**Task objective**
A faithful copy of every entry, with the pictures removed, is what is needed here.

**Records to use**
_ _ _ _ _

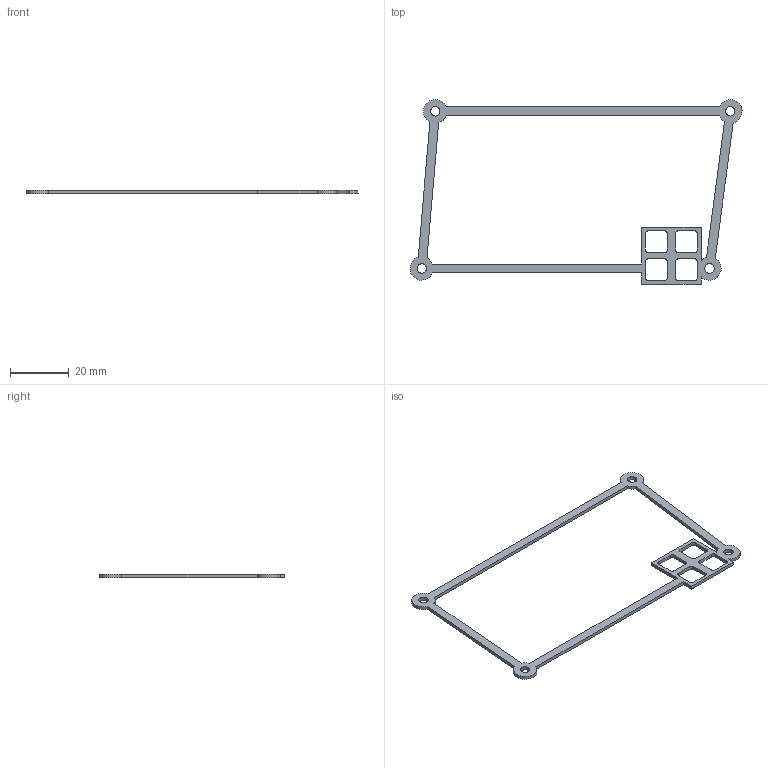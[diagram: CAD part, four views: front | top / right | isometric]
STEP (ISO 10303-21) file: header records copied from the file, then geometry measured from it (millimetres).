
FILE_DESCRIPTION(('Open CASCADE Model'),'2;1');
FILE_NAME('Open CASCADE Shape Model','2026-11-14T12:48:49',('Author'),( 'Open CASCADE'),'Open CASCADE STEP processor 7.9','Open CASCADE 7.9' ,'Unknown');
FILE_SCHEMA(('AUTOMOTIVE_DESIGN { 1 0 10303 214 1 1 1 1 }'));
Length unit declared in the file: millimetre
Products named in the file (1): Open CASCADE STEP translator 7.9 4
Bounding box: 113.09 x 62.94 x 1.2 mm (x, y, z)
Volume: 1332.5 mm3; surface area: 3193 mm2
Topology: 1 solids, 1 shells, 60 faces, 174 edges, 116 vertices
Faces by surface type: plane 32, cylinder 28
Full cylindrical faces by diameter (mm): 3.2 x4
Entity records: 4344 total; most frequent: CARTESIAN_POINT 783, DIRECTION 686, LINE 410, VECTOR 410, ORIENTED_EDGE 348, PCURVE 348, DEFINITIONAL_REPRESENTATION 348, EDGE_CURVE 174

_ _ _ _ _

**Reply to the exercise**
[diagram: CAD part, four views: front | top / right | isometric]
STEP (ISO 10303-21) file: header records copied from the file, then geometry measured from it (millimetres).
FILE_DESCRIPTION(('Open CASCADE Model'),'2;1');
FILE_NAME('Open CASCADE Shape Model','2026-11-14T12:48:49',('Author'),( 'Open CASCADE'),'Open CASCADE STEP processor 7.9','Open CASCADE 7.9' ,'Unknown');
FILE_SCHEMA(('AUTOMOTIVE_DESIGN { 1 0 10303 214 1 1 1 1 }'));
Length unit declared in the file: millimetre
Products named in the file (1): Open CASCADE STEP translator 7.9 4
Bounding box: 113.09 x 62.94 x 1.2 mm (x, y, z)
Volume: 1332.5 mm3; surface area: 3193 mm2
Topology: 1 solids, 1 shells, 60 faces, 174 edges, 116 vertices
Faces by surface type: plane 32, cylinder 28
Full cylindrical faces by diameter (mm): 3.2 x4
Entity records: 4344 total; most frequent: CARTESIAN_POINT 783, DIRECTION 686, LINE 410, VECTOR 410, ORIENTED_EDGE 348, PCURVE 348, DEFINITIONAL_REPRESENTATION 348, EDGE_CURVE 174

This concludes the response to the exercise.